## [REQUIRED ACTION]
Please repeat the entries exactly as they appear and omit any images.

** TASK INPUTS follows **

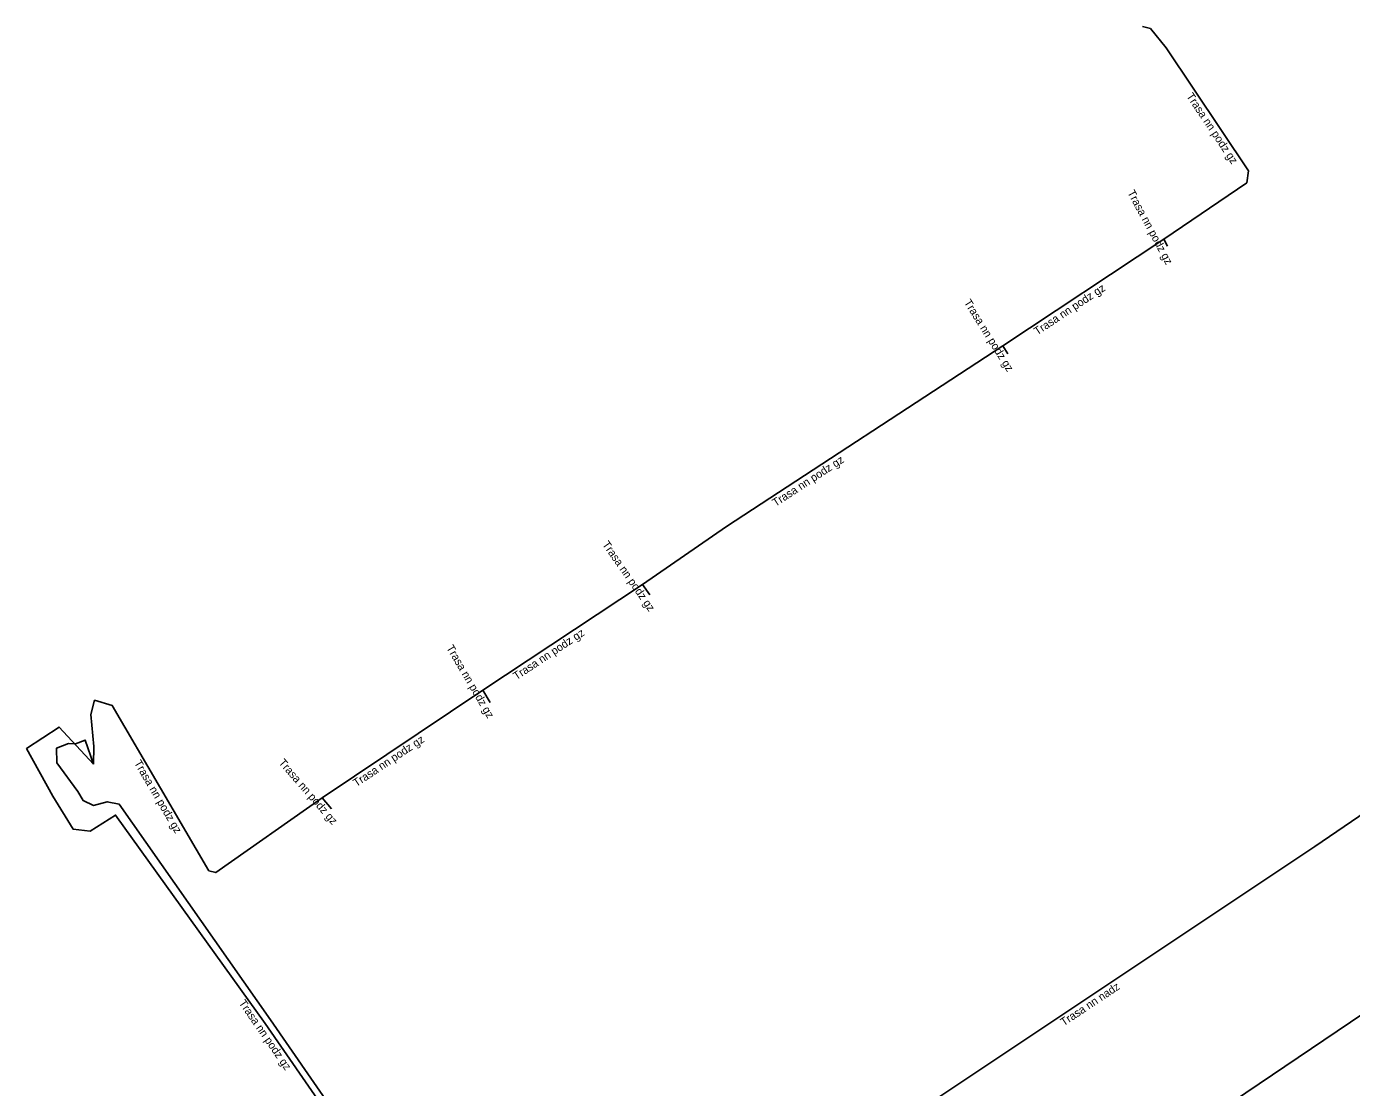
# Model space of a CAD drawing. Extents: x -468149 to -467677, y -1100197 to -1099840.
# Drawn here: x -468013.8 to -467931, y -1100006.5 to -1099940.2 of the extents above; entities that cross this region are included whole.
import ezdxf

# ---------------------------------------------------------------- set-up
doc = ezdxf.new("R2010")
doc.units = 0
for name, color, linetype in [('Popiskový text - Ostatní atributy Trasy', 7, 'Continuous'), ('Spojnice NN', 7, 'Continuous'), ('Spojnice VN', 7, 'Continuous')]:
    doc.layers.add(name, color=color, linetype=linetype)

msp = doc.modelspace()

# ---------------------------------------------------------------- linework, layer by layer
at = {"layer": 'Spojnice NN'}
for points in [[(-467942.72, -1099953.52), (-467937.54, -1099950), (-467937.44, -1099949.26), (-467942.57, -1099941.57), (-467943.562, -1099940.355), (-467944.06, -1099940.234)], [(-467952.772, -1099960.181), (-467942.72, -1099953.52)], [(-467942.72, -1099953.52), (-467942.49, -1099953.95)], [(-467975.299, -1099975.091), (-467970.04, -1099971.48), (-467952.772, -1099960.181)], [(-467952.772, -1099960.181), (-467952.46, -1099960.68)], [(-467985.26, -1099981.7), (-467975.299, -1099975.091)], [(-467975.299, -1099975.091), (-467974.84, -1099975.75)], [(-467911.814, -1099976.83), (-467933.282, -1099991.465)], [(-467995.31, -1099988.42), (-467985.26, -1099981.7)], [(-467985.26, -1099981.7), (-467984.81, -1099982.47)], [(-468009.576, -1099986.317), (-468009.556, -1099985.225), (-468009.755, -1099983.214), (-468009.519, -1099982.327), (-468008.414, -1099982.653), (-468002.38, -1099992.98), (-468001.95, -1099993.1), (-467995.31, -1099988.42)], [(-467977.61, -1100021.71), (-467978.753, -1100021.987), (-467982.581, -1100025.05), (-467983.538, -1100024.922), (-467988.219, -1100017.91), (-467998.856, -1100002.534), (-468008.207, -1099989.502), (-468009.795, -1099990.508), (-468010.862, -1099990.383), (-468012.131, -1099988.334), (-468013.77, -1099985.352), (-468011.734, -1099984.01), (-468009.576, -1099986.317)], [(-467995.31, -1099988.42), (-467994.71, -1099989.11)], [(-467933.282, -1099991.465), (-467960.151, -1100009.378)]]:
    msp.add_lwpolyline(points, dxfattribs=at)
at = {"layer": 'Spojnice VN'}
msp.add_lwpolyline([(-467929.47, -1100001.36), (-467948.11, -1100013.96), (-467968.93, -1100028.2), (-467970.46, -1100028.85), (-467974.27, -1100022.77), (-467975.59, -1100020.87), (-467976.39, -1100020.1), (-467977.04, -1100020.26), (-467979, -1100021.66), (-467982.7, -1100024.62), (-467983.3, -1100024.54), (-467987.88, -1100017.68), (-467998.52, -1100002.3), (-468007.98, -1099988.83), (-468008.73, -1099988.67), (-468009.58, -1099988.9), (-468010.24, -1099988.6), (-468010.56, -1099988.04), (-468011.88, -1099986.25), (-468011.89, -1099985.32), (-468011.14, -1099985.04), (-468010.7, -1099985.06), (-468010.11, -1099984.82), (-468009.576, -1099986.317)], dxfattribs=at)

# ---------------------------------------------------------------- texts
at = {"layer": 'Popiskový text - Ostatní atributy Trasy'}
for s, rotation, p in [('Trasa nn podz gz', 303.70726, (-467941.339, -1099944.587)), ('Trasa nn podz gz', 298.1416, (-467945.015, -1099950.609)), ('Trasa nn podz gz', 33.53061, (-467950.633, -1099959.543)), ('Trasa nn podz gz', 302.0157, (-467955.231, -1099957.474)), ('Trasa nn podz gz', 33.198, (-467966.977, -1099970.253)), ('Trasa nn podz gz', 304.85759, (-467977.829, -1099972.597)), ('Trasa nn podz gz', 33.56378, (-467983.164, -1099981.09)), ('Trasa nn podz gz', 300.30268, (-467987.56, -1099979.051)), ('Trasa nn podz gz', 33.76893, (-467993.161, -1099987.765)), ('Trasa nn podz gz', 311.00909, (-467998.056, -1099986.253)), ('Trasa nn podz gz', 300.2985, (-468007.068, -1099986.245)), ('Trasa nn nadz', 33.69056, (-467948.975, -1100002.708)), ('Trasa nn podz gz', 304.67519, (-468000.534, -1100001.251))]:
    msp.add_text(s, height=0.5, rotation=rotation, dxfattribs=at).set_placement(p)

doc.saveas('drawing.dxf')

** End of TASK INPUTS **

## [OUTPUT OF THE TASK]
# Model space of a CAD drawing. Extents: x -468149 to -467677, y -1100197 to -1099840.
# Drawn here: x -468013.8 to -467931, y -1100006.5 to -1099940.2 of the extents above; entities that cross this region are included whole.
import ezdxf

# ---------------------------------------------------------------- set-up
doc = ezdxf.new("R2010")
doc.units = 0
for name, color, linetype in [('Popiskový text - Ostatní atributy Trasy', 7, 'Continuous'), ('Spojnice NN', 7, 'Continuous'), ('Spojnice VN', 7, 'Continuous')]:
    doc.layers.add(name, color=color, linetype=linetype)

msp = doc.modelspace()

# ---------------------------------------------------------------- linework, layer by layer
at = {"layer": 'Spojnice NN'}
for points in [[(-467942.72, -1099953.52), (-467937.54, -1099950), (-467937.44, -1099949.26), (-467942.57, -1099941.57), (-467943.562, -1099940.355), (-467944.06, -1099940.234)], [(-467952.772, -1099960.181), (-467942.72, -1099953.52)], [(-467942.72, -1099953.52), (-467942.49, -1099953.95)], [(-467975.299, -1099975.091), (-467970.04, -1099971.48), (-467952.772, -1099960.181)], [(-467952.772, -1099960.181), (-467952.46, -1099960.68)], [(-467985.26, -1099981.7), (-467975.299, -1099975.091)], [(-467975.299, -1099975.091), (-467974.84, -1099975.75)], [(-467911.814, -1099976.83), (-467933.282, -1099991.465)], [(-467995.31, -1099988.42), (-467985.26, -1099981.7)], [(-467985.26, -1099981.7), (-467984.81, -1099982.47)], [(-468009.576, -1099986.317), (-468009.556, -1099985.225), (-468009.755, -1099983.214), (-468009.519, -1099982.327), (-468008.414, -1099982.653), (-468002.38, -1099992.98), (-468001.95, -1099993.1), (-467995.31, -1099988.42)], [(-467977.61, -1100021.71), (-467978.753, -1100021.987), (-467982.581, -1100025.05), (-467983.538, -1100024.922), (-467988.219, -1100017.91), (-467998.856, -1100002.534), (-468008.207, -1099989.502), (-468009.795, -1099990.508), (-468010.862, -1099990.383), (-468012.131, -1099988.334), (-468013.77, -1099985.352), (-468011.734, -1099984.01), (-468009.576, -1099986.317)], [(-467995.31, -1099988.42), (-467994.71, -1099989.11)], [(-467933.282, -1099991.465), (-467960.151, -1100009.378)]]:
    msp.add_lwpolyline(points, dxfattribs=at)
at = {"layer": 'Spojnice VN'}
msp.add_lwpolyline([(-467929.47, -1100001.36), (-467948.11, -1100013.96), (-467968.93, -1100028.2), (-467970.46, -1100028.85), (-467974.27, -1100022.77), (-467975.59, -1100020.87), (-467976.39, -1100020.1), (-467977.04, -1100020.26), (-467979, -1100021.66), (-467982.7, -1100024.62), (-467983.3, -1100024.54), (-467987.88, -1100017.68), (-467998.52, -1100002.3), (-468007.98, -1099988.83), (-468008.73, -1099988.67), (-468009.58, -1099988.9), (-468010.24, -1099988.6), (-468010.56, -1099988.04), (-468011.88, -1099986.25), (-468011.89, -1099985.32), (-468011.14, -1099985.04), (-468010.7, -1099985.06), (-468010.11, -1099984.82), (-468009.576, -1099986.317)], dxfattribs=at)

# ---------------------------------------------------------------- texts
at = {"layer": 'Popiskový text - Ostatní atributy Trasy'}
for s, rotation, p in [('Trasa nn podz gz', 303.70726, (-467941.339, -1099944.587)), ('Trasa nn podz gz', 298.1416, (-467945.015, -1099950.609)), ('Trasa nn podz gz', 33.53061, (-467950.633, -1099959.543)), ('Trasa nn podz gz', 302.0157, (-467955.231, -1099957.474)), ('Trasa nn podz gz', 33.198, (-467966.977, -1099970.253)), ('Trasa nn podz gz', 304.85759, (-467977.829, -1099972.597)), ('Trasa nn podz gz', 33.56378, (-467983.164, -1099981.09)), ('Trasa nn podz gz', 300.30268, (-467987.56, -1099979.051)), ('Trasa nn podz gz', 33.76893, (-467993.161, -1099987.765)), ('Trasa nn podz gz', 311.00909, (-467998.056, -1099986.253)), ('Trasa nn podz gz', 300.2985, (-468007.068, -1099986.245)), ('Trasa nn nadz', 33.69056, (-467948.975, -1100002.708)), ('Trasa nn podz gz', 304.67519, (-468000.534, -1100001.251))]:
    msp.add_text(s, height=0.5, rotation=rotation, dxfattribs=at).set_placement(p)

doc.saveas('drawing.dxf')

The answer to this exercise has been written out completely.